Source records
* * *

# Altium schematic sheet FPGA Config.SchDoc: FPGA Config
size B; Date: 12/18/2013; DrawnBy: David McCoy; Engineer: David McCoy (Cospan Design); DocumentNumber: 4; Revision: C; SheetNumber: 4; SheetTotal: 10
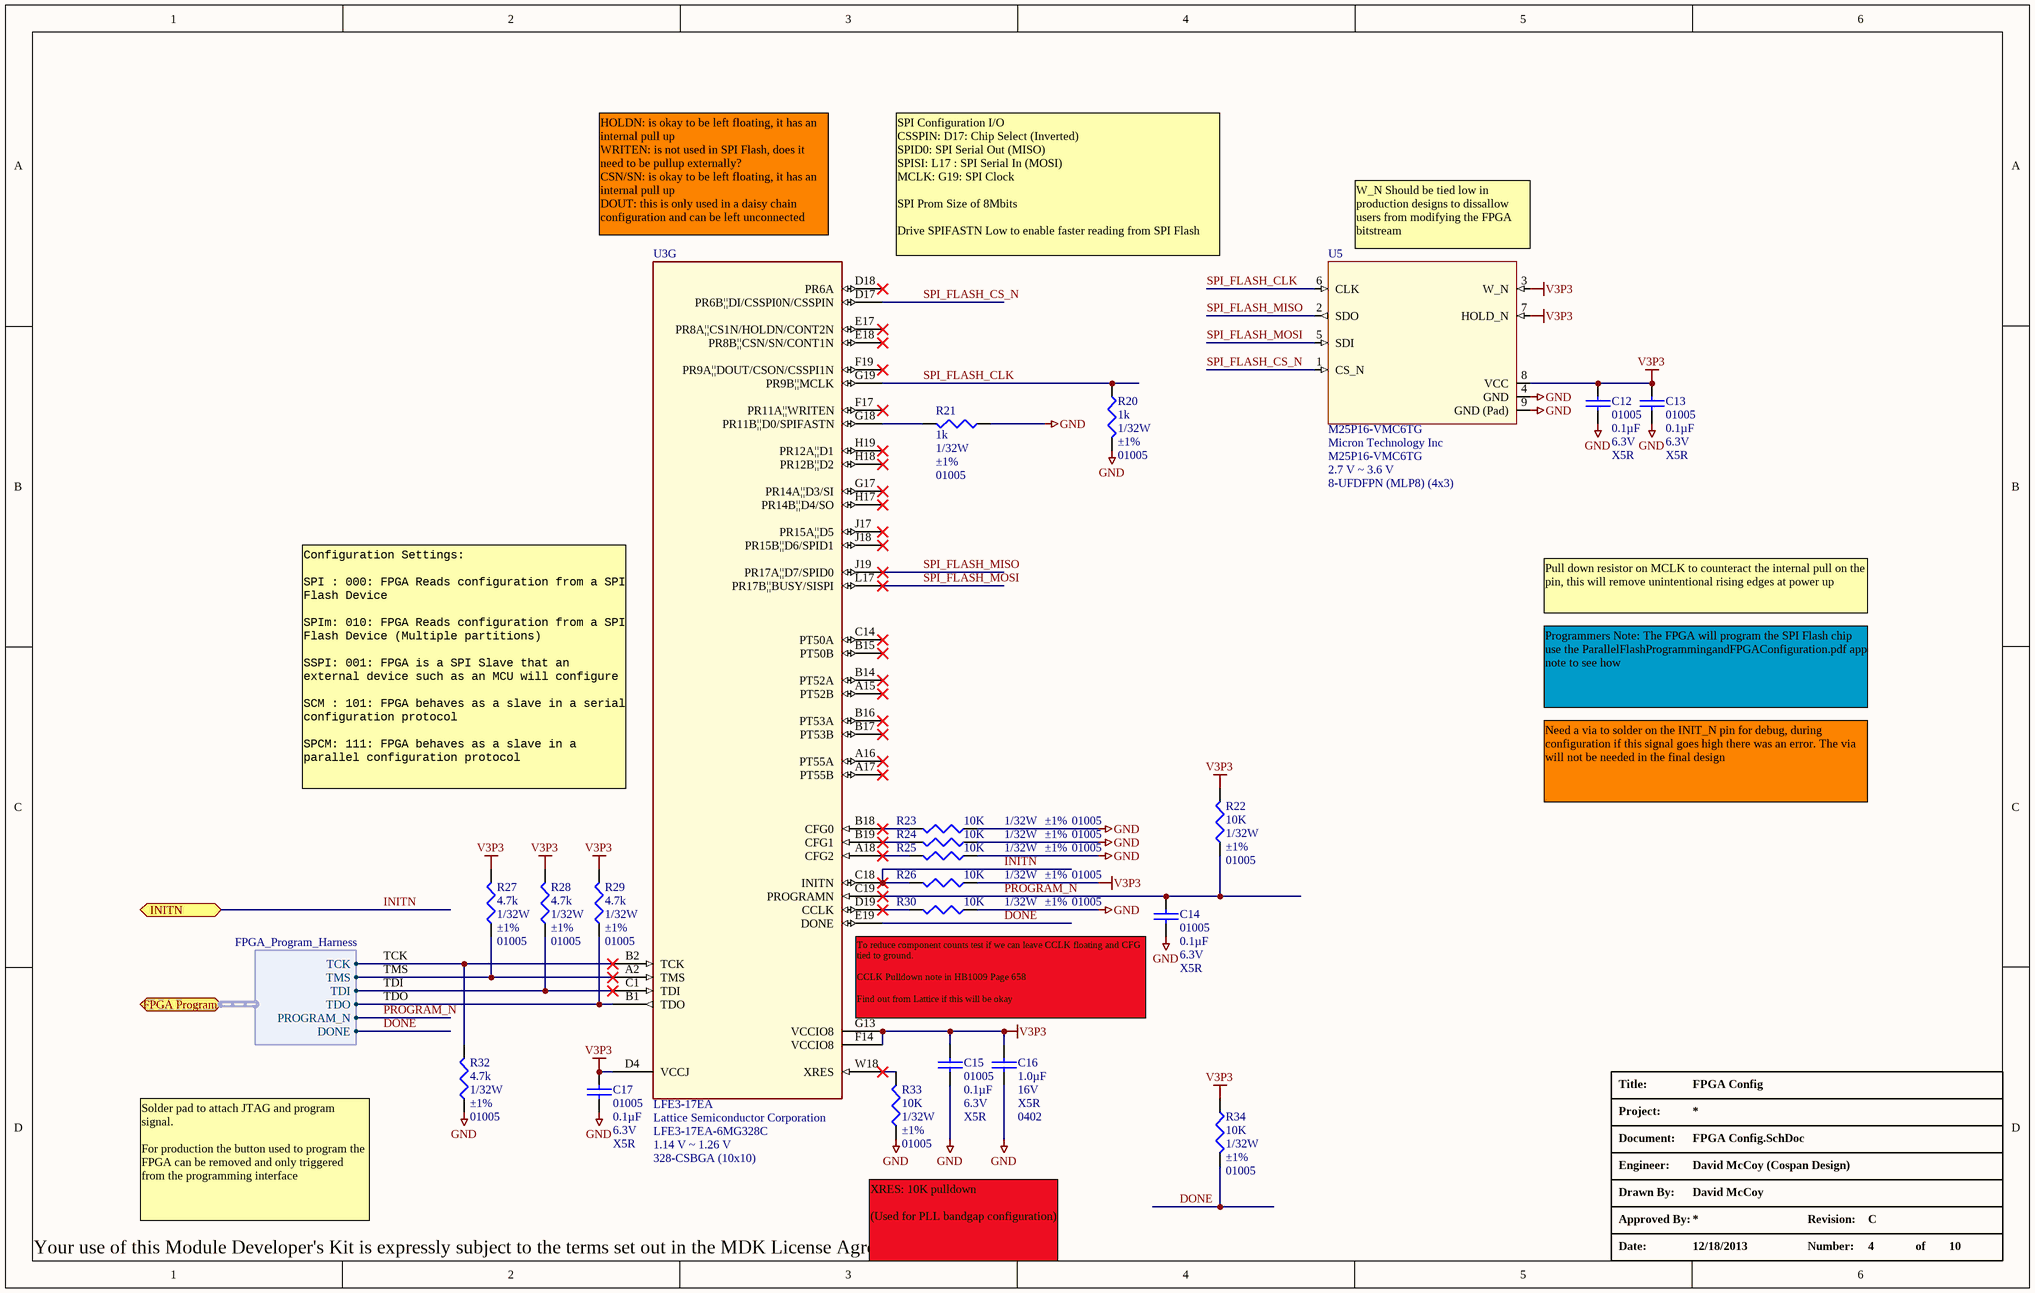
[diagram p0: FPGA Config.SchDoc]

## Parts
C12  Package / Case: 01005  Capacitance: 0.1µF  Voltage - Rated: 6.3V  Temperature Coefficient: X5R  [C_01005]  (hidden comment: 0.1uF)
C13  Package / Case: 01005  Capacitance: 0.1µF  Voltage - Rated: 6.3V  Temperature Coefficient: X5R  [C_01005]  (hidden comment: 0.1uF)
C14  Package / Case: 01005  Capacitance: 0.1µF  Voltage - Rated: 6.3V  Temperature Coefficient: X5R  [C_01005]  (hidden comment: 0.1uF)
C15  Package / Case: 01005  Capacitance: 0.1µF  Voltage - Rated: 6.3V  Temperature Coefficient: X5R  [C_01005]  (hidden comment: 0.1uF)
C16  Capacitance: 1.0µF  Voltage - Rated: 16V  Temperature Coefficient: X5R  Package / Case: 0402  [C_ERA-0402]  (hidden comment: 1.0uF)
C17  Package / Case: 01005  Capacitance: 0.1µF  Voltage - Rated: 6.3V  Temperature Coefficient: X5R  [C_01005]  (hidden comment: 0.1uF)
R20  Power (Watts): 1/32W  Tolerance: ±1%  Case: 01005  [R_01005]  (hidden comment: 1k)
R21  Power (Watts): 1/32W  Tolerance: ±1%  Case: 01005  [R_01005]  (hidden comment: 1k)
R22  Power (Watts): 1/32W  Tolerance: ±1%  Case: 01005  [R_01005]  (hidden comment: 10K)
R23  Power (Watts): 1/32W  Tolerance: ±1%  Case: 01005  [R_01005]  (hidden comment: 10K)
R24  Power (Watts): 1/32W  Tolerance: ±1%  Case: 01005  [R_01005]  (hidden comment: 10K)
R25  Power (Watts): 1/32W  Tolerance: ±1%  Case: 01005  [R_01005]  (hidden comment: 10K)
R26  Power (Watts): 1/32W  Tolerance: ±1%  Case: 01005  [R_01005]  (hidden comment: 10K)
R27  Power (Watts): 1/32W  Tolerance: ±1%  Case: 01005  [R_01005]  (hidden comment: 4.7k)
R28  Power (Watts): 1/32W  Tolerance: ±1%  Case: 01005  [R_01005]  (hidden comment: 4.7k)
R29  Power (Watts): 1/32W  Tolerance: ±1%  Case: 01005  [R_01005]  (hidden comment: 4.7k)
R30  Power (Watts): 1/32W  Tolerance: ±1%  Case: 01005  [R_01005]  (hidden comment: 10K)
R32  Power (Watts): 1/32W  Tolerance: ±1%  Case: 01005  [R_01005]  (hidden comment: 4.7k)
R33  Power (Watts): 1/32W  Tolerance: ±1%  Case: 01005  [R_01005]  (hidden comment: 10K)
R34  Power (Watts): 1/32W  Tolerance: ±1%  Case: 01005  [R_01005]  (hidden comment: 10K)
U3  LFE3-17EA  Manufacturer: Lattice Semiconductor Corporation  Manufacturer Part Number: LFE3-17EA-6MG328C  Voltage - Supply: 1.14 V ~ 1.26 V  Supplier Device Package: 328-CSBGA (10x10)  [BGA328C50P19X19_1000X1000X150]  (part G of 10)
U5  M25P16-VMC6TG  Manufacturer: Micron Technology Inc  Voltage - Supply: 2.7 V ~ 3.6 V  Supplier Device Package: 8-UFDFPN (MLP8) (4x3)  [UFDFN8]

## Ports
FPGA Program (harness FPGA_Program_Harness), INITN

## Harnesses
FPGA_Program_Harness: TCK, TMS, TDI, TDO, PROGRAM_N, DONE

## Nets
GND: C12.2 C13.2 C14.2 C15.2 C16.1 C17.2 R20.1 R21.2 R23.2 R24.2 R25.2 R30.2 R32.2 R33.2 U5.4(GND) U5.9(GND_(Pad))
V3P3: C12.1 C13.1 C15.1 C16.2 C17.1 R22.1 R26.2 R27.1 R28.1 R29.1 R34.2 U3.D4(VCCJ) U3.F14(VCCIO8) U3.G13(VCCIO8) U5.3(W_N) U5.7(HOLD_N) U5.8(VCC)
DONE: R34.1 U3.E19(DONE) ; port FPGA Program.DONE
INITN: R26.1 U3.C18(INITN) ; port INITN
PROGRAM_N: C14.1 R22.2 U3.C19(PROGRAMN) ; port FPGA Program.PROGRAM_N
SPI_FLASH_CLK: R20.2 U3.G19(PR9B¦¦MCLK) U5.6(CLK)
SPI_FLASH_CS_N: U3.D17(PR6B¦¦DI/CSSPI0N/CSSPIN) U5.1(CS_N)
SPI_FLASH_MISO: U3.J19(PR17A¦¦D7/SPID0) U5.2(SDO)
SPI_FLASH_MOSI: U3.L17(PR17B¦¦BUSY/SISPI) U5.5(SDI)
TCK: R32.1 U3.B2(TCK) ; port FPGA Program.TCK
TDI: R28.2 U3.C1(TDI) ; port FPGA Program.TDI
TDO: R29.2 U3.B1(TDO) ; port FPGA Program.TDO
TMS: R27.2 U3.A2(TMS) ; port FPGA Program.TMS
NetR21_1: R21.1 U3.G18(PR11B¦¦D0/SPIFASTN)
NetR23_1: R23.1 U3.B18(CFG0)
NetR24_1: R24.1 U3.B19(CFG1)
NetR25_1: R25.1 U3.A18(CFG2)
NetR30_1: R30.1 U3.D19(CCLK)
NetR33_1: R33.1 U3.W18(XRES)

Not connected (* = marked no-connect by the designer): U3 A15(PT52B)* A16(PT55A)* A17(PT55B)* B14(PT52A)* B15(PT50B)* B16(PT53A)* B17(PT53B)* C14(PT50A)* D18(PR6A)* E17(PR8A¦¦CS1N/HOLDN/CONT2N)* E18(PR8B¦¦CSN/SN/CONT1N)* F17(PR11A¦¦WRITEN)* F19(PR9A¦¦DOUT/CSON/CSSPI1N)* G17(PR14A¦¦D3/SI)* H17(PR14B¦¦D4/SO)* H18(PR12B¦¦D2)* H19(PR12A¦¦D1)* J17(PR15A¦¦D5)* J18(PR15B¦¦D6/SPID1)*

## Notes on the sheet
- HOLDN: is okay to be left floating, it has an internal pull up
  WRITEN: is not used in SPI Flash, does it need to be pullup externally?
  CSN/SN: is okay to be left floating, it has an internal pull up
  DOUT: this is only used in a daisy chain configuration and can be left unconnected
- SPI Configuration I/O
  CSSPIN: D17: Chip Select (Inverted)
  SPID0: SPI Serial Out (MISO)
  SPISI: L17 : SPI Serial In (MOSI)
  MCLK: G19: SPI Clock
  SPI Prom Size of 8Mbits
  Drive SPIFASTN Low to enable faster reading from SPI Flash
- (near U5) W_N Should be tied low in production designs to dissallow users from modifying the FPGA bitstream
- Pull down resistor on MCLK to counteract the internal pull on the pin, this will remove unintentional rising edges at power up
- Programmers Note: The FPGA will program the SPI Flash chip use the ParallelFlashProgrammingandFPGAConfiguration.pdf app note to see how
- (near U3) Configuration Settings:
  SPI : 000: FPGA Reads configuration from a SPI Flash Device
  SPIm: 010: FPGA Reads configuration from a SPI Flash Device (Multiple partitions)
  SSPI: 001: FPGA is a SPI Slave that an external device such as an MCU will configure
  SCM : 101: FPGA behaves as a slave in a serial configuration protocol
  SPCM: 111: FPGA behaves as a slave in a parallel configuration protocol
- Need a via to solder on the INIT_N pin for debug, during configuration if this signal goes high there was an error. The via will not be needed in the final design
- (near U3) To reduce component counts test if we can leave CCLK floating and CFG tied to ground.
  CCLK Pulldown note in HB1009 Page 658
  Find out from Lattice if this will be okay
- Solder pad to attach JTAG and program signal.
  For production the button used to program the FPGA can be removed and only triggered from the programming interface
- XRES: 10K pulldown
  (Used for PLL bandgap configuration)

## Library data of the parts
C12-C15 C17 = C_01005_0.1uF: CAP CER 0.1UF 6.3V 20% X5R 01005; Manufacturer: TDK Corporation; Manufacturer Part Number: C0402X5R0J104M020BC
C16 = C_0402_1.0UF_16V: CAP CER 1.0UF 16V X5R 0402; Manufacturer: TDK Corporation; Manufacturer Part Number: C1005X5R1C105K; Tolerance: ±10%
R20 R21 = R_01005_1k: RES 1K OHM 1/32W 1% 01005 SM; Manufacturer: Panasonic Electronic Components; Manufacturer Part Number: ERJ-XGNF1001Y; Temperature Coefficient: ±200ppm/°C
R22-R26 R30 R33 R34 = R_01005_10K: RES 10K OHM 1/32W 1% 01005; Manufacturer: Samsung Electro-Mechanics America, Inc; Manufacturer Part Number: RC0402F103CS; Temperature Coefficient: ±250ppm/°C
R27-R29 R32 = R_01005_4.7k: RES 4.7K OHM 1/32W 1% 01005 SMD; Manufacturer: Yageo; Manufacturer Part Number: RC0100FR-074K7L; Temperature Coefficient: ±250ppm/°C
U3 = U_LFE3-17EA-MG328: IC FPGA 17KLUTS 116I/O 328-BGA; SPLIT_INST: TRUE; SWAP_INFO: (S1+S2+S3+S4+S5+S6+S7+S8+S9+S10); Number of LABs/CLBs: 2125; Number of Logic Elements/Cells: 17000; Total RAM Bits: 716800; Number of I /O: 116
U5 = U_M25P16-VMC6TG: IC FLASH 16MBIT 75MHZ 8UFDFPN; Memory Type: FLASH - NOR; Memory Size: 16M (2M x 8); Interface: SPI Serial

* * *

Could you restate, word for word, the lines above from the one with "- SPI Configuration I/O" to the one with "SPCM: 111: FPGA", both included?

- SPI Configuration I/O
  CSSPIN: D17: Chip Select (Inverted)
  SPID0: SPI Serial Out (MISO)
  SPISI: L17 : SPI Serial In (MOSI)
  MCLK: G19: SPI Clock
  SPI Prom Size of 8Mbits
  Drive SPIFASTN Low to enable faster reading from SPI Flash
- (near U5) W_N Should be tied low in production designs to dissallow users from modifying the FPGA bitstream
- Pull down resistor on MCLK to counteract the internal pull on the pin, this will remove unintentional rising edges at power up
- Programmers Note: The FPGA will program the SPI Flash chip use the ParallelFlashProgrammingandFPGAConfiguration.pdf app note to see how
- (near U3) Configuration Settings:
  SPI : 000: FPGA Reads configuration from a SPI Flash Device
  SPIm: 010: FPGA Reads configuration from a SPI Flash Device (Multiple partitions)
  SSPI: 001: FPGA is a SPI Slave that an external device such as an MCU will configure
  SCM : 101: FPGA behaves as a slave in a serial configuration protocol
  SPCM: 111: FPGA behaves as a slave in a parallel configuration protocol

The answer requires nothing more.